Year of Rock: weekly interactive guitar lessons for 2013 - yegg
http://yearofrock.com/

======
b1ake
I'm one of the guys behind this, thx so much for all of the support (and to
@yegg for posting).

Here's some more detail as requested by @ClayM and others...

The Year of Rock is the work of two guys, myself and @bsstoner. It's powered
by the @getinstinct platform, which we also built.

Starting next week, we'll send a weekly guitar lesson by email to everyone who
signs up. The lessons are entirely interactive. They listen as you play and
give you feedback on each note, using pitch detection software we designed.
You can demo some lessons we've already made at <http://getinstinct.com>

There's no human teacher, it's entirely automated and works in the web
browser. The entire site is built in JS and HTML5 (including node.js on the
backend), except for some Flash for the audio processing (unavoidable given
the current state of browsers).

One thing that's cool about the Year of Rock is that the course is partially
crowdsourced.

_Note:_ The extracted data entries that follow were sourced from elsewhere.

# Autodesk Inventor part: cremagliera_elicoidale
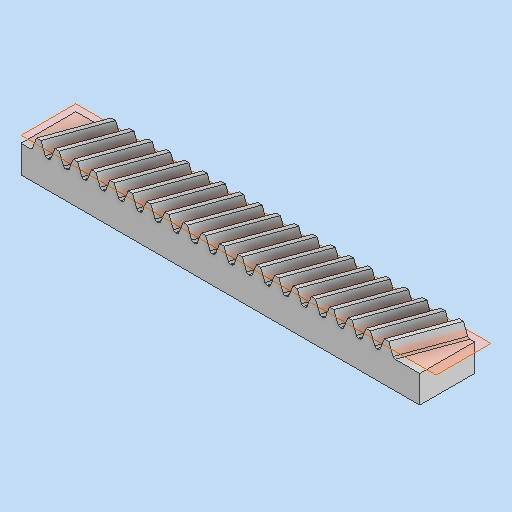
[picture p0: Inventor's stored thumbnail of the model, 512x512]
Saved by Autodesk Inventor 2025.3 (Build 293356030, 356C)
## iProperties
Created: 2025-12
Part Number: cremagliera_elicoidale
Material: Generico
Document SubType Name: Modeling
Designer: R5800u
Density: 1 g/cm^3
Appearance: Default
Author: R5800u
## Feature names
1. Estrusione1 [Extrusion]
2. Sweep2
3. Raccordo2 [Fillet]
4. Serie rettangolare2 [Rectangular Pattern]
5. Estrusione2 [Extrusion]
6. Estrusione3 [Extrusion]
7. Estrusione4 [Extrusion]
8. Serie rettangolare3 [Rectangular Pattern]
9. Speculare1 [Mirror]
10. Estrusione5 [Extrusion]
## Parameters: d1 = 1.25 mm, d3 = 3.69536 mm, d5 = -20 deg, d13 = 2 mm, d15 = 5 mm, d16 = 0, d21 = 2.25 mm, d22 = 0, d23 = 0, d24 = 0.38 mm, d27 = 3.34321 mm, d28 = 1.25 mm, d29 = 5 mm, d30 = 0, d31 = 2 mm, d32 = 0, d33 = 1.8 mm, d34 = 4 mm, d35 = 0, d36 = 8 mm, d37 = 2.5 mm, d38 = 4 mm, d39 = 0, d42 = 15 mm, d43 = 12 mm, d44 = 2.5 mm, d46 = 0

After we create the intro lesson each week (such how to play a
blues scale), our users can add practice music and riffs via our tab editor.
There's a voting mechanism similar to HN or reddit to help the most popular
submissions bubble to the top.

From a usability perspective, we've learned that the course needs to be more
flexible than Code Year. Almost everyone will skip weeks or start late. Some
people will enter the course with more experience than others. So the course
can't be too linear. It should be okay for people to approach it like a
buffet.

There's still plenty of time to adjust things, so would love to hear any
questions/ideas/comments...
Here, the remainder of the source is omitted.